* **DIRECTIONS FOR THIS TASK**
When you reach the line with "#8029=EDGE_CURVE('',#8024,#8016,#8028,.T.);" in the listing below, transcribe it and each line after it up to and including the line with "#8040=VERTEX_POINT('',#8039);", exactly and with nothing else.

* **DATA EXCERPTS**
= = = = =

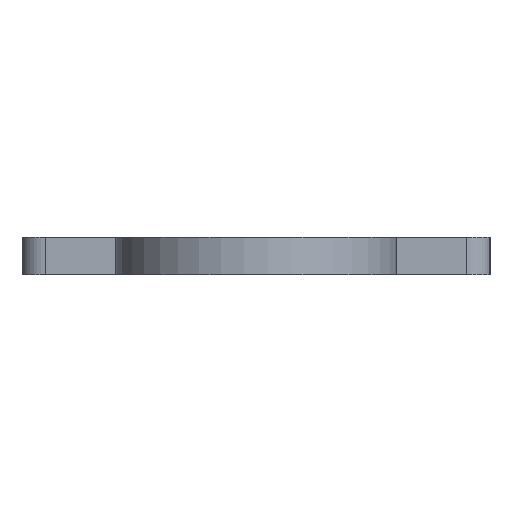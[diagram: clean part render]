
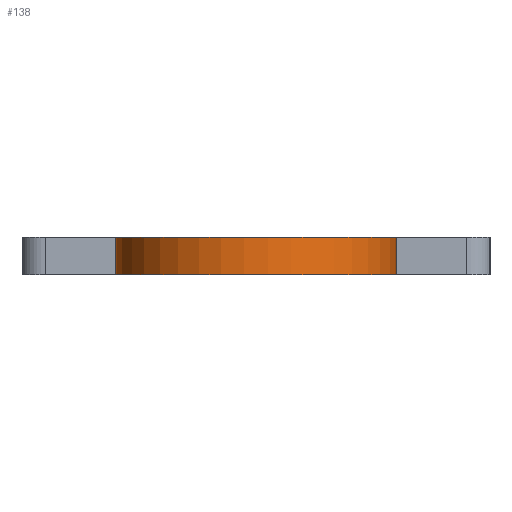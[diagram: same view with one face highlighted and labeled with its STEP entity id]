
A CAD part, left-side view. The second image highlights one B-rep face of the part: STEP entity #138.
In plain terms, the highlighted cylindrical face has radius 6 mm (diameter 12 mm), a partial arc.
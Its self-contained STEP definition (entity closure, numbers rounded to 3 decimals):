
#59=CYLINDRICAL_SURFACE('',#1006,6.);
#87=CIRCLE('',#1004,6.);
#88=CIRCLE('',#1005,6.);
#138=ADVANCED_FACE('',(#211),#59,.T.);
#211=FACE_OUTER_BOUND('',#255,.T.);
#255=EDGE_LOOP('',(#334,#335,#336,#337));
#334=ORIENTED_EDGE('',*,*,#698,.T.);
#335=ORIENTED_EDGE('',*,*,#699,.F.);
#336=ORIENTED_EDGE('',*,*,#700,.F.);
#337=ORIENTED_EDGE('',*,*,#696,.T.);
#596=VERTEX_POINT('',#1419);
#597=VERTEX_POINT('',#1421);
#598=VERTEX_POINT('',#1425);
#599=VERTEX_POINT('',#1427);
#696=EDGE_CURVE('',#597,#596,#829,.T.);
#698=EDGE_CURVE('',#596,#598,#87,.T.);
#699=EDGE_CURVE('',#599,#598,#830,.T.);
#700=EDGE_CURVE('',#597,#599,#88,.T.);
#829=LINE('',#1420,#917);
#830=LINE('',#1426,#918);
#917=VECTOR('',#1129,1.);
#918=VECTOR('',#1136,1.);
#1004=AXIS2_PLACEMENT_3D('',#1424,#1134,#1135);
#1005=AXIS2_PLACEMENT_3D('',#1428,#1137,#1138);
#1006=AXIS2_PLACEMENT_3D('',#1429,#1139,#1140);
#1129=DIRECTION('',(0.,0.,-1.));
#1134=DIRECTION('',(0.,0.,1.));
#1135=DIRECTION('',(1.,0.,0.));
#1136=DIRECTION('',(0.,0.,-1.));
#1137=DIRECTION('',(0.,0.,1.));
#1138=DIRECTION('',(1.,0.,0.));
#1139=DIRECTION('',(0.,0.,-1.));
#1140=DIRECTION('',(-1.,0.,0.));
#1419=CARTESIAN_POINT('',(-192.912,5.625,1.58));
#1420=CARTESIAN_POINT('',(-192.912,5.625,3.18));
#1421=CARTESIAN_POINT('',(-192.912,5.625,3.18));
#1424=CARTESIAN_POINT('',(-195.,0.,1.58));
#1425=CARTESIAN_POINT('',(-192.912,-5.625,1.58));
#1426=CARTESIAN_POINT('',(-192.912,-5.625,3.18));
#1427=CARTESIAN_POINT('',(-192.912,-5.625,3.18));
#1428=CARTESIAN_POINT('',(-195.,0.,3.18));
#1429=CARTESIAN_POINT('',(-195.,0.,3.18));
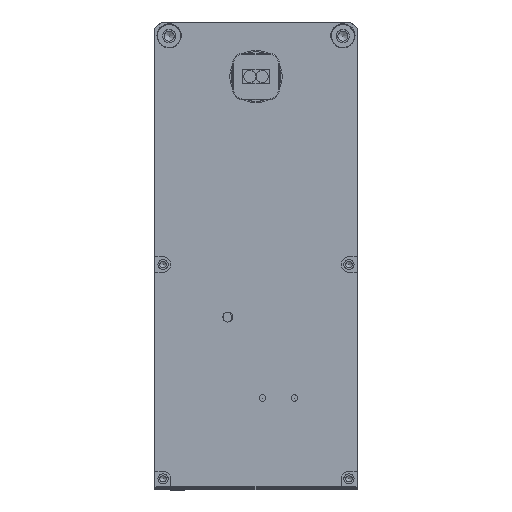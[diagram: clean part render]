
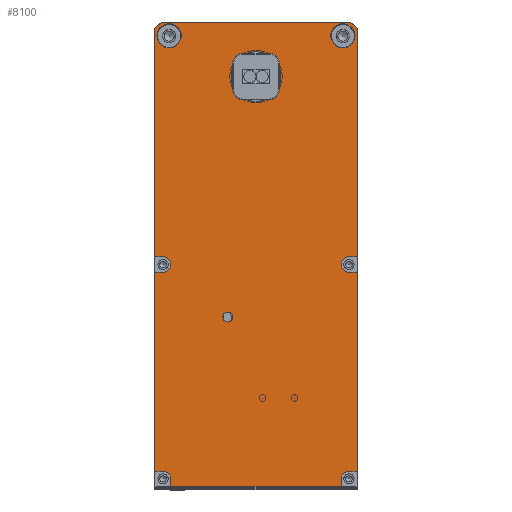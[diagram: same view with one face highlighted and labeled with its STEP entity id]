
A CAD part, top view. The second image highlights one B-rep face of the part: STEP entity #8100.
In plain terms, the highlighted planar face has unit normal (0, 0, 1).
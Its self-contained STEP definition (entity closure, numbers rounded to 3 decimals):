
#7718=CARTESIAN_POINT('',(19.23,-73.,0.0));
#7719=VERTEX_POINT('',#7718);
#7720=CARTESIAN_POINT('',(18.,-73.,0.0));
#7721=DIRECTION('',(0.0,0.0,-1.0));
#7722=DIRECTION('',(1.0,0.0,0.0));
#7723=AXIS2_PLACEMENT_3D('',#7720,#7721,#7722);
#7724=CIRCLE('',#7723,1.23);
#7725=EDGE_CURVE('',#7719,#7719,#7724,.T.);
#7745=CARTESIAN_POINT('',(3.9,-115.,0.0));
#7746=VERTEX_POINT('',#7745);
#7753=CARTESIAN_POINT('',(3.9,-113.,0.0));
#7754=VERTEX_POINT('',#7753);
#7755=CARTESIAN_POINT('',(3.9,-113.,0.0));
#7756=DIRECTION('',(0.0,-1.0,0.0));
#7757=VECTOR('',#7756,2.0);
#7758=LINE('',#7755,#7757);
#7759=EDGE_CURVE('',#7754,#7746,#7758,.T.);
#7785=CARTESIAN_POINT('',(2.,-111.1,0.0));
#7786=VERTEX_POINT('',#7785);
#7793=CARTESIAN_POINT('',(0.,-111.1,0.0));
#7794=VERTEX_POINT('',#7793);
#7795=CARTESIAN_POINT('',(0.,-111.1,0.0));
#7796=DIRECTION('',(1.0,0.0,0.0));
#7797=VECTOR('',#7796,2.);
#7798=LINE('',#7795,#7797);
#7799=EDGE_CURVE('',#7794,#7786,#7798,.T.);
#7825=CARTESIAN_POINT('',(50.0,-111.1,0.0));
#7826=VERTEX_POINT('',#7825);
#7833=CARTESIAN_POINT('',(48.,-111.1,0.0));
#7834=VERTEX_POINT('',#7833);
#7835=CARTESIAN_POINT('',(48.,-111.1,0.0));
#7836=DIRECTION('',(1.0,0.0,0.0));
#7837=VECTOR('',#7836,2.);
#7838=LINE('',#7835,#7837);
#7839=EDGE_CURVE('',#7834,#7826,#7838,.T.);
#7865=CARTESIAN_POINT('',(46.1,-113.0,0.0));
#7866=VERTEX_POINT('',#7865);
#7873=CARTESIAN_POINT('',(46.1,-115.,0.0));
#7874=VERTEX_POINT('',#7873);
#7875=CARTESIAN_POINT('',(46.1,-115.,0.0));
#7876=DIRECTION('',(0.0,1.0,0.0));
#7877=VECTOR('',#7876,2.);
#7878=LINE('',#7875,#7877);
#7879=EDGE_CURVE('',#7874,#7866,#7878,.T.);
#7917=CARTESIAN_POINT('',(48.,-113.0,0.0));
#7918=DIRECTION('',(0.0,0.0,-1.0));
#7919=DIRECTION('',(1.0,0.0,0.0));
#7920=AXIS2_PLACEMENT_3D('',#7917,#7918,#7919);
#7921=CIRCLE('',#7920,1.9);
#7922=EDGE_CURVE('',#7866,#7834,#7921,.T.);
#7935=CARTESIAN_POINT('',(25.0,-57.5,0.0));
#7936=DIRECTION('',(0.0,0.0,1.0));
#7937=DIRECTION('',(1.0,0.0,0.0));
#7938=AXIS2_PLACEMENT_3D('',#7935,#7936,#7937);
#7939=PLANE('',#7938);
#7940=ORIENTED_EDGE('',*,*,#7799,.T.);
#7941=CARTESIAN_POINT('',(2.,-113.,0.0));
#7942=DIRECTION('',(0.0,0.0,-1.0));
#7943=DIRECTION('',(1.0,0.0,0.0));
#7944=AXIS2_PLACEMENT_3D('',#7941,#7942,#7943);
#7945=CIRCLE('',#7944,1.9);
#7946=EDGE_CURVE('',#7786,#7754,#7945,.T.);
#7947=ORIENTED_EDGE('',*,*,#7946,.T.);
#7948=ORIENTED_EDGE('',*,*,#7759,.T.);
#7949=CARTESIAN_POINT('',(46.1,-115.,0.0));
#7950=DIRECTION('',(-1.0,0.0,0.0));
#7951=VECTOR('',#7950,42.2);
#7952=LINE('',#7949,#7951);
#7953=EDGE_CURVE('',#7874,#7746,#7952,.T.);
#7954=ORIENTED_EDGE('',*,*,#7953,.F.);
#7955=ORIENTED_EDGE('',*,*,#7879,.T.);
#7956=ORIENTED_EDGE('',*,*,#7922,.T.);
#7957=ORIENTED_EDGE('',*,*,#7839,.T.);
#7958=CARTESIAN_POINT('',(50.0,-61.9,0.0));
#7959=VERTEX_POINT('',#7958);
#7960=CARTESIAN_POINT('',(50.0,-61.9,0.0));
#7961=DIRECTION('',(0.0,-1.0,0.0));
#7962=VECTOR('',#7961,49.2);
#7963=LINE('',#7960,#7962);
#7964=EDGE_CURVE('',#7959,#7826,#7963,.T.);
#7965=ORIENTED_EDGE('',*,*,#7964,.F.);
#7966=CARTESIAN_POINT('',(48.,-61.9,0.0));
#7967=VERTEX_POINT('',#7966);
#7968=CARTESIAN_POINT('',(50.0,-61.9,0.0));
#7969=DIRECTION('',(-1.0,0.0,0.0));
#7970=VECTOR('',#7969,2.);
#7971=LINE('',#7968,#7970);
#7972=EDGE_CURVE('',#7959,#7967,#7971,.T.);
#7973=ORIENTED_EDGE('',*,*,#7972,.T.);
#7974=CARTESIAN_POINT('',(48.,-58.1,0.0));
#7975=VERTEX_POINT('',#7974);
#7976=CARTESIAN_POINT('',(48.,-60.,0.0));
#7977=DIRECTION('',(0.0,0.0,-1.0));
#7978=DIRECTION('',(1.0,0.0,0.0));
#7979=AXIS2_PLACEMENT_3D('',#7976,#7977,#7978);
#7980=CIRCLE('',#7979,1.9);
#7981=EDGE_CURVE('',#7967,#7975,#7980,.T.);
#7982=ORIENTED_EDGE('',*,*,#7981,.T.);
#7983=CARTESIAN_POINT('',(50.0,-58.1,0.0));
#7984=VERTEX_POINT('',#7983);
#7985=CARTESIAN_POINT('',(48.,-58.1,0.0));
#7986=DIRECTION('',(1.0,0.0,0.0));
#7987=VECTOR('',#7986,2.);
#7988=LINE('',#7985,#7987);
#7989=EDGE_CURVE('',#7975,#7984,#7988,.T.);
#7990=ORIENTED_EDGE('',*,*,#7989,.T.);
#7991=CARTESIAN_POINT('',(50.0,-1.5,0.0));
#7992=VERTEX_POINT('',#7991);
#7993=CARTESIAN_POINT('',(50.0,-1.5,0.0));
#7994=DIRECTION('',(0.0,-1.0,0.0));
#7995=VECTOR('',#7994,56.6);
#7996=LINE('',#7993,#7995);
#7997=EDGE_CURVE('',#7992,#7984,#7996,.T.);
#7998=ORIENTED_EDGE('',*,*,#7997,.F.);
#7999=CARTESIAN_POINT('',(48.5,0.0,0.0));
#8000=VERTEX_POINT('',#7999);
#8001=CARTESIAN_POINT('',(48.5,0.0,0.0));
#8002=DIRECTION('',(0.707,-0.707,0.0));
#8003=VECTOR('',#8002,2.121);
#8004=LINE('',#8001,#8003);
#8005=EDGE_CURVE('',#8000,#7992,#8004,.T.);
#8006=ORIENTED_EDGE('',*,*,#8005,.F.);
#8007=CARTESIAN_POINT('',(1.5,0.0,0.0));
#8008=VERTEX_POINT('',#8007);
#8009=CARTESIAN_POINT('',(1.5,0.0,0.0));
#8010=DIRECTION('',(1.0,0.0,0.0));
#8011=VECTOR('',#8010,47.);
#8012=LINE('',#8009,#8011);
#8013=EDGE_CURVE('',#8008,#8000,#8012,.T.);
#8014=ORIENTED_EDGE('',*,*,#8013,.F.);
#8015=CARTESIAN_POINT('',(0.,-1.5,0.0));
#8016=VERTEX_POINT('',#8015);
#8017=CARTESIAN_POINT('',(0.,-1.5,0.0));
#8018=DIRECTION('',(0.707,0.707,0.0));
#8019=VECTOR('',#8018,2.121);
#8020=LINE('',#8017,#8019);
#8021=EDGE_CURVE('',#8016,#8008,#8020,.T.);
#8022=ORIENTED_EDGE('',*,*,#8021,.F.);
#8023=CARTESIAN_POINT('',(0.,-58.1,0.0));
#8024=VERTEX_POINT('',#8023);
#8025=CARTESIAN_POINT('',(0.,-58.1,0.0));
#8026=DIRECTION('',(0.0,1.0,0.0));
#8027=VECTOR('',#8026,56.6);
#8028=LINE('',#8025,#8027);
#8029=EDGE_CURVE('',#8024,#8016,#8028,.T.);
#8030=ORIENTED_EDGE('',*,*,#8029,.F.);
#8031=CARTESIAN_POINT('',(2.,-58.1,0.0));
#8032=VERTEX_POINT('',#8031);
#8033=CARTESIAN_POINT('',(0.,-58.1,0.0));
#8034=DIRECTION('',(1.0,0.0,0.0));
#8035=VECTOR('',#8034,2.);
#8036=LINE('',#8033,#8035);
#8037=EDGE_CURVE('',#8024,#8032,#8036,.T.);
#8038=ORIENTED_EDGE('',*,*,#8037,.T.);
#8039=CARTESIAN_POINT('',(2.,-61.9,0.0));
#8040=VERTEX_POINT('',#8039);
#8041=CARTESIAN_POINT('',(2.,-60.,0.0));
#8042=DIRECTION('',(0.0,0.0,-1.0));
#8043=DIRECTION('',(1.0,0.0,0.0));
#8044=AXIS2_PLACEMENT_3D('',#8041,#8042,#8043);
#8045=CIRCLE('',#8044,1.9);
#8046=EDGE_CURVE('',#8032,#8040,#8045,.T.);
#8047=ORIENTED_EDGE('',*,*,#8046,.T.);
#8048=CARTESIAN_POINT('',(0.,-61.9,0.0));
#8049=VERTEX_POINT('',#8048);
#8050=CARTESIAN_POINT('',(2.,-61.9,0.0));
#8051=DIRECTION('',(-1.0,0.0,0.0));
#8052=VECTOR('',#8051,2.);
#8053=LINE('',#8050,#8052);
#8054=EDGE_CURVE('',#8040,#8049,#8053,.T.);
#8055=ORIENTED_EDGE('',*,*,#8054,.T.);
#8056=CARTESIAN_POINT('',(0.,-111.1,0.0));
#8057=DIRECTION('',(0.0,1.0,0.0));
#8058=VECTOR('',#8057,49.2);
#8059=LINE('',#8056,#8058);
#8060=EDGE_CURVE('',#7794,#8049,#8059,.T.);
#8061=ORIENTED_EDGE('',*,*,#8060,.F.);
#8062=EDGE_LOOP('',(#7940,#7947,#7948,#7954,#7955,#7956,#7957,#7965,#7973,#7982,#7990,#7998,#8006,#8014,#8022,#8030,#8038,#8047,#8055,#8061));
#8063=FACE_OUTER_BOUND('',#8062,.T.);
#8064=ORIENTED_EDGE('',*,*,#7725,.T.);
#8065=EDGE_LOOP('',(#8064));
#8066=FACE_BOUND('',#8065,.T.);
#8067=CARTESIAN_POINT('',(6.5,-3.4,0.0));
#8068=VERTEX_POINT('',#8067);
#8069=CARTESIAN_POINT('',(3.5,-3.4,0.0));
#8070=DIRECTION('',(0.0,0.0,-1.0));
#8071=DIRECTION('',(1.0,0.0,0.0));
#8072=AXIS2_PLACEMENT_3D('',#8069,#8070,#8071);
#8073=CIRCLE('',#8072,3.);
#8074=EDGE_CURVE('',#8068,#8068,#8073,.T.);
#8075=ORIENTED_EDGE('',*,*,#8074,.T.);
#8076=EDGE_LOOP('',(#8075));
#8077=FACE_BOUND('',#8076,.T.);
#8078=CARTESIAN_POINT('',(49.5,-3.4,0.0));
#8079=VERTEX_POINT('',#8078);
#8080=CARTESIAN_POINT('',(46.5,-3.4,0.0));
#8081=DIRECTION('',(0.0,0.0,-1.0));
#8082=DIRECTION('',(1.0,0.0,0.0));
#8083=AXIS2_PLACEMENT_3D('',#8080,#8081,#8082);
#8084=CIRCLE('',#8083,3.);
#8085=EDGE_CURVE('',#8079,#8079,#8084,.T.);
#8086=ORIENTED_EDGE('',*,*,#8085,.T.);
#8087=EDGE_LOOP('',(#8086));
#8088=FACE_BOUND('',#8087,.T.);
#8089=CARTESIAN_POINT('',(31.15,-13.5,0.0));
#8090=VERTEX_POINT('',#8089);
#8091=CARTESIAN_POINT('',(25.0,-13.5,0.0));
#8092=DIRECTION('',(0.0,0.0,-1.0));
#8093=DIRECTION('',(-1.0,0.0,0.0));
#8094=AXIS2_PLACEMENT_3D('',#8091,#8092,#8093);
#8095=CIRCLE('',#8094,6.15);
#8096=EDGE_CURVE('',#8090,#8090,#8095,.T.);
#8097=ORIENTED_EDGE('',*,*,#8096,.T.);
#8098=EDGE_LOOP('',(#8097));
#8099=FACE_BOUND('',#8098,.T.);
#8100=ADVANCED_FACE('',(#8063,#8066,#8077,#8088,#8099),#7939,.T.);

= = = = =

* **ANSWER TO THIS PROBLEM**
#8029=EDGE_CURVE('',#8024,#8016,#8028,.T.);
#8030=ORIENTED_EDGE('',*,*,#8029,.F.);
#8031=CARTESIAN_POINT('',(2.,-58.1,0.0));
#8032=VERTEX_POINT('',#8031);
#8033=CARTESIAN_POINT('',(0.,-58.1,0.0));
#8034=DIRECTION('',(1.0,0.0,0.0));
#8035=VECTOR('',#8034,2.);
#8036=LINE('',#8033,#8035);
#8037=EDGE_CURVE('',#8024,#8032,#8036,.T.);
#8038=ORIENTED_EDGE('',*,*,#8037,.T.);
#8039=CARTESIAN_POINT('',(2.,-61.9,0.0));
#8040=VERTEX_POINT('',#8039);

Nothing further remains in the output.